Numerical Weather Prediction models at FMI

Sami Niemelä

Numerical weather prediction (NWP) models provide the basis for modern weather forecasting by simulating the evolution of the atmospheric state. The core of the atmospheric model is the set of hydrodynamic equations, such as the conservation laws for mass, motion, heat, water (in solid, liquid and vapour forms) and any other gaseous (chemical) species. Numerical methods are utilised to solve the above set of conservation laws represented by coupled partial differential equations averaged over a finite grid. In addition, the effect from the flow structures and processes that are not represented by grid-scale motions must be taken into account via physical parametrization methods. The fundamental idea behind the physical parametrization procedure is to estimate the sub-grid-scale terms by using the averaged prognostic variables. Parametrization processes estimate the net effect of the sub-grid scale flow structures such as the fluxes momentum, heat and moisture due to small turbulent eddies and larger convective secondary circulations. Moreover, treatment of radiation, cloud microphysics and interactions between the atmosphere and the surface, are also needed in atmospheric models.

NWP-application is an initial value problem where the model integration is critically dependent on the initial conditions. In addition to the precise atmospheric model, a successful forecast requires that both the upper air and the surface initial conditions provided to the forecast model are accurate and consistent with available observations.

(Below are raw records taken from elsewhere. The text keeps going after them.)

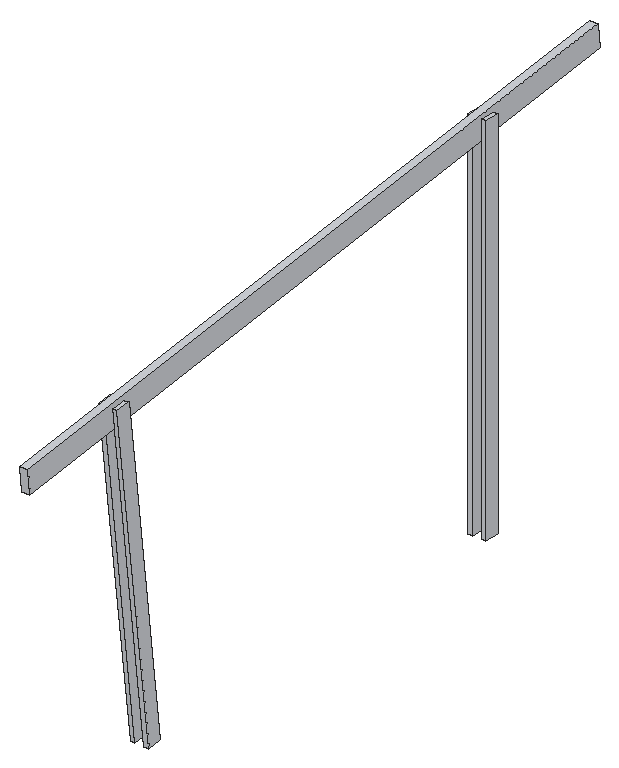
Revit family
Parameters
  fPILASTRO_luce = sqrt((PILASTRO_altezza - 2 * PILASTRO_asse) ^ 2 + INTERASSE ^ 2 - FALDA_luce ^ 2)  # 654.5781 cm
  TRAVE_luce = 928.2009 cm
  TRAVE_asse = FALDA_asse  # 24.6783 cm
  TRAVE_SezRes = FALDA_SezRes  # 49.3565 cm
  SEPARATORE = 1.0 cm
  PILASTRO_largh = PILASTRO_SezRes / 3  # 10.0 cm
  PILASTRO_asse = PILASTRO_SezRes / 2  # 15.0 cm
  PILASTRO_altezza = 800.0 cm  # constant formula
  PILASTRO_SezRes = 30.0 cm  # constant formula
  INTERASSE = 900.0 cm
  INCLINATA_falda = 7.00°
  FALDA_luce = INTERASSE * cos(INCLINATA_falda) + (PILASTRO_altezza - 2 * PILASTRO_asse) * sin(INCLINATA_falda)  # 987.1309 cm
  FALDA_larg = FALDA_SezRes / 3  # 16.4522 cm
  FALDA_front = 240.0 cm
  FALDA_back = 300.0 cm
  FALDA_asse = FALDA_SezRes / 2  # 24.6783 cm
  FALDA_SezRes = FALDA_luce / 20  # 49.3565 cm
  ALTEZZA libera = 220.0 cm  # constant formula
Reference planes (cm)
  plane 1 "Centro (Fronte/Retro)": y = 0
  plane 2: z = 0
  plane 3 "Centro (Sinistra/Destra)": x = 0
  plane 4: x = 10
  plane 5: y = -30
  plane 6: y = -15
  plane 7: z = 800
  plane 8: z = 785
  plane 9: y = -915
  plane 10: z = 15
  plane 11: through (426.72, -14.6445, 785.0437) normal (0, 0.1219, -0.9925)
  plane 12: through (426.72, -904.6311, -69.4476) normal (0, -0.9925, -0.1219)
  plane 13: through (426.72, -1274.6616, 974.8864) normal (0, 0.9925, 0.1219)
  plane 14: through (426.72, -1524.5992, 624.5081) normal (0, -0.1219, 0.9925)
  plane 15: through (426.72, -1468.3033, 581.6932) normal (0, -0.1219, 0.9925)
  plane 16: through (426.72, 3.6235, 633.3235) normal (0, -0.9925, -0.1219)
  plane 17: through (426.72, 235.287, 1208.2285) normal (0, 0.9925, 0.1219)
  plane 18: x = 11
  plane 19: x = 27.4522
  plane 20: x = 28.4522
  plane 21: x = 38.4522
  plane 22: through (426.72, -1110.6871, 665.5792) normal (0, -0.1219, 0.9925)
  plane 23: through (426.72, -870.4555, 20.4694) normal (0, 0.1219, -0.9925)
  plane 24: through (426.72, -982.6249, -8.4159) normal (0, -0.1219, 0.9925)
  plane 25: through (426.72, -1018.2523, 732.8402) normal (0, 0.9925, 0.1219)
  plane 26: through (426.72, -988.476, 736.4963) normal (0, 0.9925, 0.1219)
  plane 27: z = 220
  plane 28: z = 244.6783
  plane 29: z = 269.3565
  plane 30: y = -943.2009
Forms (cm)
  Extrusion 1, solid
    sketch origin (0, 0, 0) x (1, 0, 0) y (0, 1, 0)
      loop
        line (0, -30) -> (10, -30) -> (10, 0) -> (0, 0) -> (0, -30)
    from 0 to 800
  Extrusion 2, solid
    sketch origin (0, 0, 0) x (0, 1, 0) y (0, 0, 1)
      loop
        line (-1235.9916, 659.9447) -> (-1229.9766, 610.956) -> (285.7714, 797.0665) -> (279.7563, 846.0551) -> (-1235.9916, 659.9447)
    from 11 to 27.4522
  Extrusion 3, solid
    sketch origin (65.7102, 0, 0) x (-1, 0, 0) y (0, -1, 0)
      loop
        line (27.258, 30) -> (27.258, 0) -> (37.258, 0) -> (37.258, 30) -> (27.258, 30)
    from 0 to 800
  Extrusion 4, solid
    sketch origin (0, 0, 0) x (0, 1, 0) y (0, 0, 1)
      loop
        line (-1011.4892, 677.7592) -> (-928.0602, -1.7162) -> (-898.2838, 1.9398) -> (-981.7129, 681.4152) -> (-1011.4892, 677.7592)
    from 0 to 10
  Extrusion 5, solid
    sketch origin (0, 0, 0) x (0, 1, 0) y (0, 0, 1)
      loop
        line (-1011.4892, 677.7592) -> (-928.0602, -1.7162) -> (-898.2838, 1.9398) -> (-981.7129, 681.4152) -> (-1011.4892, 677.7592)
    from 28.4522 to 38.4522
Lines and regions (cm)
  model lines
    curve 1: line (0, 0, 0) -> (10, 0, 0)
    curve 2: line (10, 0, 0) -> (10, -30, 0)
    curve 3: line (10, -30, 0) -> (0, -30, 0)
    curve 10: line (38.4522, -30, 0) -> (38.4522, 0, 0)
  reference lines
    curve 4: line (0, -1235.9916, 659.9447) -> (0, -1229.9766, 610.956)
    curve 5: line (0, -1229.9766, 610.956) -> (0, 285.7714, 797.0665)
    curve 6: line (0, 285.7714, 797.0665) -> (0, 279.7563, 846.0551)
    curve 7: line (0, 279.7563, 846.0551) -> (0, -1235.9916, 659.9447)
    curve 8: line (11, -30, 0) -> (27.4522, -30, 0)
    curve 9: line (18.8551, -30, 0) -> (18.8551, 6, 0)
    curve 11: line (38.4522, 0, 0) -> (38.4522, -30, 0)
    curve 12: line (0, -994.773, 664.699) -> (0, -915, 15)
    curve 13: line (0, -1063.2433, 656.2919) -> (0, -1033.5313, 0.4462)
    curve 14: line (0, -968.5415, 667.9198) -> (0, -796.4687, 29.5538)
    curve 15: line (0, -1011.4892, 677.7592) -> (0, -981.7129, 681.4152)
    curve 16: line (0, -981.7129, 681.4152) -> (0, -898.2838, 1.9398)
    curve 17: line (0, -898.2838, 1.9398) -> (0, -928.0602, -1.7162)
    curve 18: line (0, -928.0602, -1.7162) -> (0, -1011.4892, 677.7592)
Dimensions and locks (cm)
  "PILASTRO_largh": plane 3 "Centro (Sinistra/Destra)" to plane 4
  "PILASTRO_asse": plane 6 to plane 1 "Centro (Fronte/Retro)"
  "PILASTRO_SezRes": plane 5 to plane 1 "Centro (Fronte/Retro)"
  "PILASTRO_altezza": plane 7 to level
  "PILASTRO_asse": plane 8 to plane 7
  "INTERASSE": plane 9 to plane 6
  "PILASTRO_asse": plane 10 to plane 2
  "FALDA_asse": plane 11 to plane 14
  "FALDA_SezRes": plane 14 to plane 15
  "FALDA_front": plane 12 to plane 13
  "FALDA_luce": plane 12 to plane 16
  "FALDA_back": plane 17 to plane 16
  "SEPARATORE": plane 4 to plane 18
  "FALDA_larg": plane 18 to plane 19
  "SEPARATORE": plane 19 to plane 20
  "PILASTRO_largh": plane 20 to plane 21
  "fPILASTRO_luce": plane 23 to plane 11
  "PILASTRO_asse": plane 22 to plane 11
  "PILASTRO_asse": plane 24 to plane 23
  "PILASTRO_asse": plane 12 to plane 25
  "PILASTRO_SezRes": plane 26 to plane 25
  "ALTEZZA libera": plane 2 to plane 27
  "TRAVE_asse": plane 27 to plane 28
  "TRAVE_SezRes": plane 27 to plane 29
  "TRAVE_luce": plane 30 to plane 6
  "INCLINATA_falda": angle plane 8 to plane 11
  "INCLINATA_falda": angle plane 9 to plane 12
  "INCLINATA_falda": angle plane 6 to plane 16
  "INCLINATA_falda": angle plane 6 to plane 17
  "INCLINATA_falda": angle plane 9 to plane 13
  "INCLINATA_falda": angle plane 10 to plane 15
  "INCLINATA_falda": angle plane 8 to plane 14
  "INCLINATA_falda": angle plane 8 to plane 22
  aligned and locked: Extrusion 1 sketch curve to curve 1
  aligned and locked: Extrusion 1 sketch curve to curve 2
  aligned and locked: Extrusion 1 sketch curve to curve 3
  aligned and locked: Extrusion 1 to plane 7
  aligned and locked: Extrusion 2 sketch curve to curve 4
  aligned and locked: Extrusion 2 sketch curve to curve 7
  aligned and locked: Extrusion 2 sketch curve to curve 6
  aligned and locked: Extrusion 2 sketch curve to curve 5
  aligned and locked: plane 19 to Extrusion 2
  aligned and locked: Extrusion 2 to plane 18
  aligned and locked: Extrusion 3 to plane 1 "Centro (Fronte/Retro)"
  aligned and locked: Extrusion 3 to plane 5
  aligned and locked: plane 20 to Extrusion 3
  aligned and locked: plane 21 to Extrusion 3
  aligned and locked: Extrusion 4 sketch curve to curve 15
  aligned and locked: Extrusion 4 sketch curve to curve 16
  aligned and locked: Extrusion 4 sketch curve to curve 18
  aligned and locked: Extrusion 4 sketch curve to curve 17
  aligned and locked: plane 4 to Extrusion 4
  aligned and locked: Extrusion 4 to plane 3 "Centro (Sinistra/Destra)"
Automatic sketch dimensions
  curve 3 to plane 3 "Centro (Sinistra/Destra)" = 0.0 cm
  curve 1 to plane 1 "Centro (Fronte/Retro)" = 0.0 cm
  curve 1 to plane 3 "Centro (Sinistra/Destra)" = 0.0 cm
  curve 2 to plane 4 = 0.0 cm
  curve 10 to plane 1 "Centro (Fronte/Retro)" = 0.0 cm
  curve 10 to plane 21 = 0.0 cm
  curve 3 to plane 5 = 0.0 cm
  curve 10 to plane 5 = 0.0 cm
  Extrusion 1 sketch curve to plane 3 "Centro (Sinistra/Destra)" = 0.0 cm
  curve 7 to plane 13 = 0.0 cm
  curve 7 to plane 14 = 0.0 cm
  curve 5 to plane 13 = 0.0 cm
  curve 5 to plane 15 = 0.0 cm
  curve 13 to plane 11 = 0.0 cm
  curve 13 to plane 23 = 0.0 cm
  curve 15 to plane 22 = 0.0 cm
  curve 15 to plane 25 = 0.0 cm
  curve 12 to plane 11 = 0.0 cm
  curve 12 to plane 12 = 0.0 cm
  curve 16 to plane 22 = 0.0 cm
  curve 16 to plane 26 = 0.0 cm
  curve 14 to plane 11 = 0.0 cm
  curve 18 to plane 24 = 0.0 cm
  curve 12 to plane 9 = 0.0 cm
  curve 14 to plane 23 = 0.0 cm
  curve 7 to plane 17 = 0.0 cm
  curve 12 to plane 10 = 0.0 cm
  plane 8 to curve 13 = 128.7081 cm
  level to curve 13 = 0.4462 cm
  curve 15 to curve 14 = 13.1714 cm
  curve 14 to plane 10 = 14.5538 cm
  curve 8 to plane 5 = 0.0 cm
  curve 8 to plane 18 = 0.0 cm
  curve 8 to plane 19 = 0.0 cm
  curve 11 to plane 5 = 0.0 cm
  curve 11 to plane 21 = 0.0 cm
  curve 11 to plane 1 "Centro (Fronte/Retro)" = 0.0 cm
  plane 18 to curve 9 = 7.8551 cm
  curve 9 to plane 1 "Centro (Fronte/Retro)" = 6.0 cm
  Extrusion 3 sketch curve to plane 1 "Centro (Fronte/Retro)" = 0.0 cm
  Extrusion 3 sketch curve to plane 21 = 0.0 cm
  Extrusion 3 sketch curve to plane 5 = 0.0 cm
  Extrusion 3 sketch curve to plane 20 = 0.0 cm
  Extrusion 5 sketch curve to plane 22 = 0.0 cm  (x2)
  Extrusion 5 sketch curve to plane 25 = 0.0 cm
  Extrusion 5 sketch curve to plane 26 = 0.0 cm
  Extrusion 5 sketch curve to plane 24 = 0.0 cm

Furthermore, the essence of any NWP-system is to produce both the initial state and the forecast as fast as possible, however, still maintaining the reliability and accuracy of the code. Therefore, the scaling and code efficiency in massively parallel HPC-systems are the critical success factors for NWP-applications.
This presentation will give a short overview on the NWP-models used operationally at FMI. Furthermore, the special attention is given to the new mesoscale NWP-model Harmonie.